**TRY IT:** All of the lines below are to be transcribed faithfully, with pictures excluded from the copy.

.....

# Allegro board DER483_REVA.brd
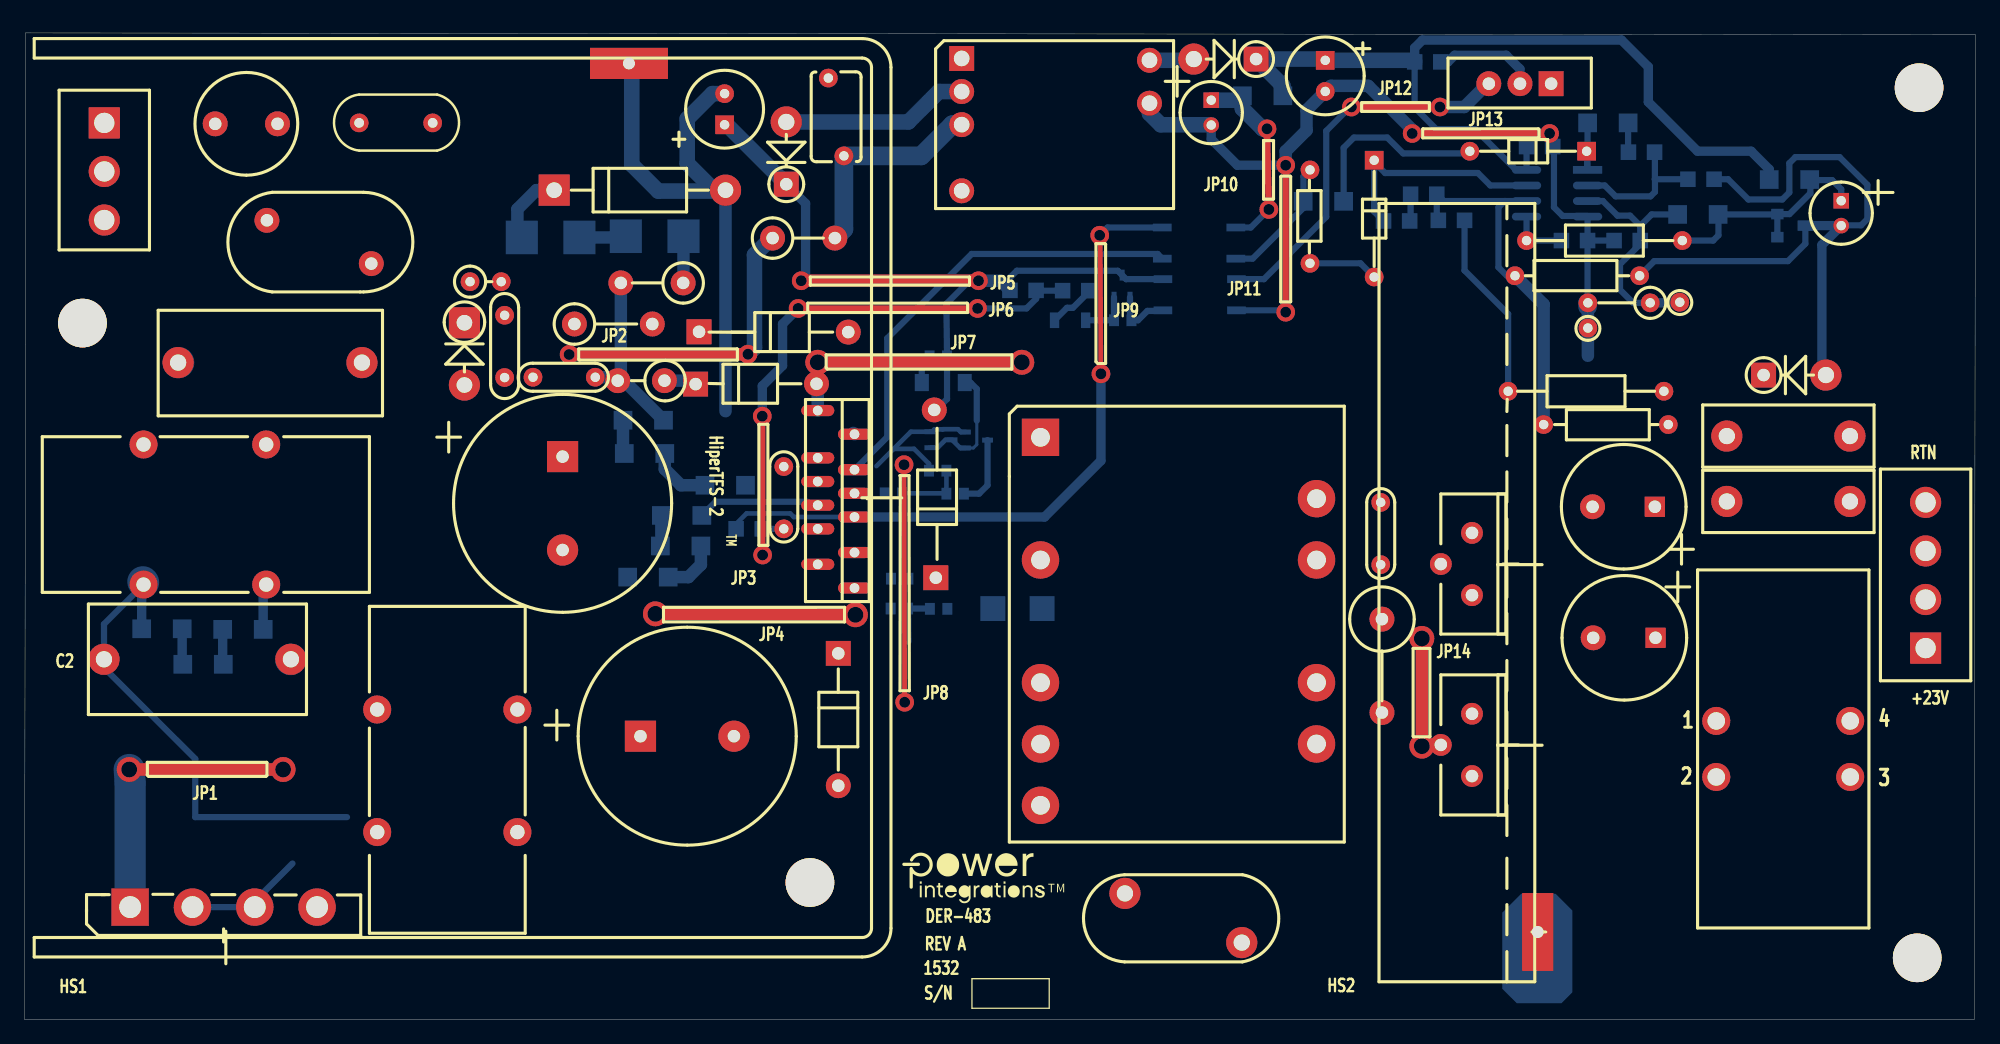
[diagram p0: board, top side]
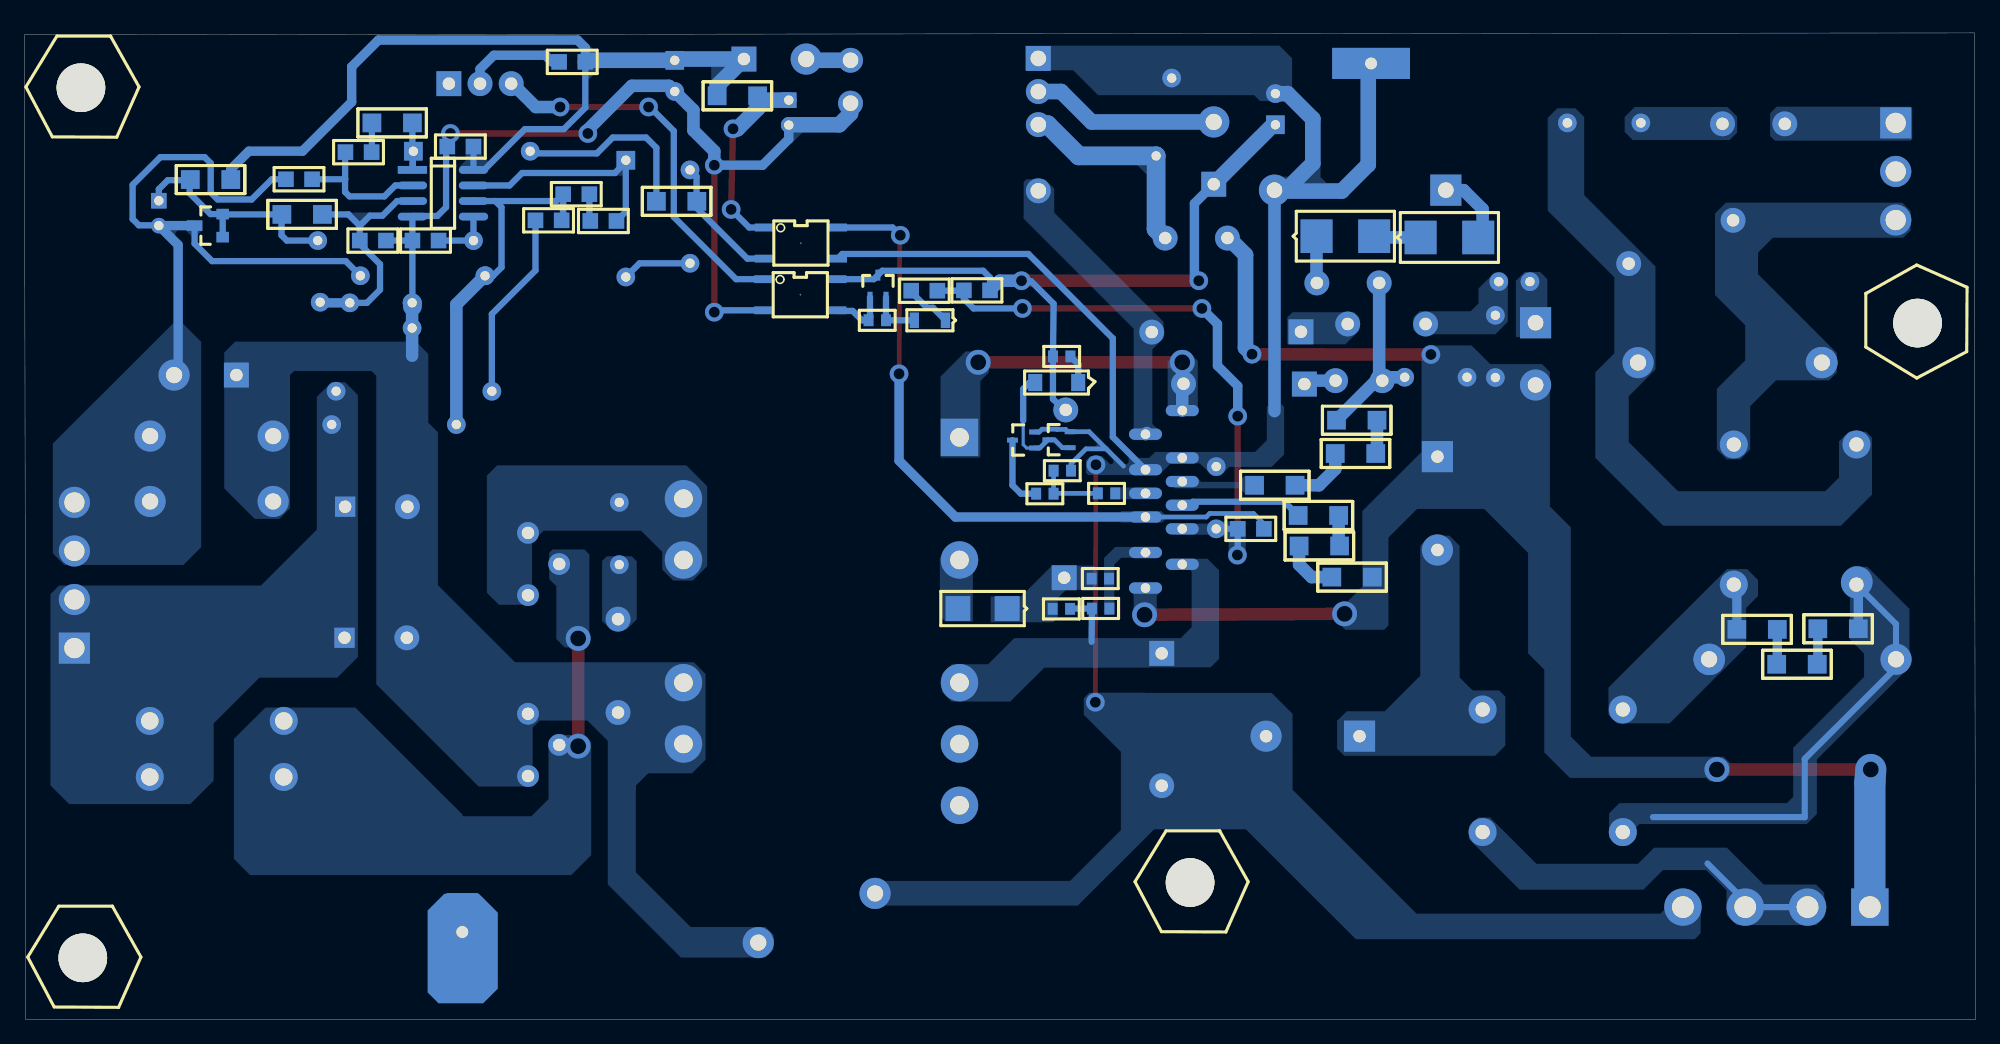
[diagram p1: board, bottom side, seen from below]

Outline 159.05 x 80.49 mm; copper layers: TOP, BOTTOM. Coordinates in mm from the lower left corner of the outline.
Outline path: 0,0 0.08,55.09 0.08,80.49 159.05,80.34 158.95,0 0,0

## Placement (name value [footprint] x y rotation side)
BR1  GBU8J  [PIDAXBRIDGEGBU8]  8.61 9.17 0 top
C1  220 nF  [PINPXCAPRAD720X340590040]  27.51 53.59 180 top
C2  470 nF  [PI_NP_CAP700X355LS600D040]  21.72 29.39 180 top
C3  560 uf  [PIPOLCAPCLYD710LS300040]  43.87 45.92 270 top
C4  560 uf  [PIPOLCAPCLYD710LS300040]  50.22 23.11 0 top
C5  2.2 nF  [PINPCAPRAD200X100200030]  46.53 52.4 180 top
C6  10 uF  [PINPCAPRAD200X100200030]  61.9 40.03 90 top
C7  100 nF  [PISMC0603]  70.61 33.53 0 bottom
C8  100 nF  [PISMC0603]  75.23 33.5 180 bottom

.....

**SOLUTION FOR THIS EXERCISE:**
# Allegro board DER483_REVA.brd
[diagram p0: board, top side]
[diagram p1: board, bottom side, seen from below]

Outline 159.05 x 80.49 mm; copper layers: TOP, BOTTOM. Coordinates in mm from the lower left corner of the outline.
Outline path: 0,0 0.08,55.09 0.08,80.49 159.05,80.34 158.95,0 0,0

## Placement (name value [footprint] x y rotation side)
BR1  GBU8J  [PIDAXBRIDGEGBU8]  8.61 9.17 0 top
C1  220 nF  [PINPXCAPRAD720X340590040]  27.51 53.59 180 top
C2  470 nF  [PI_NP_CAP700X355LS600D040]  21.72 29.39 180 top
C3  560 uf  [PIPOLCAPCLYD710LS300040]  43.87 45.92 270 top
C4  560 uf  [PIPOLCAPCLYD710LS300040]  50.22 23.11 0 top
C5  2.2 nF  [PINPCAPRAD200X100200030]  46.53 52.4 180 top
C6  10 uF  [PINPCAPRAD200X100200030]  61.9 40.03 90 top
C7  100 nF  [PISMC0603]  70.61 33.53 0 bottom
C8  100 nF  [PISMC0603]  75.23 33.5 180 bottom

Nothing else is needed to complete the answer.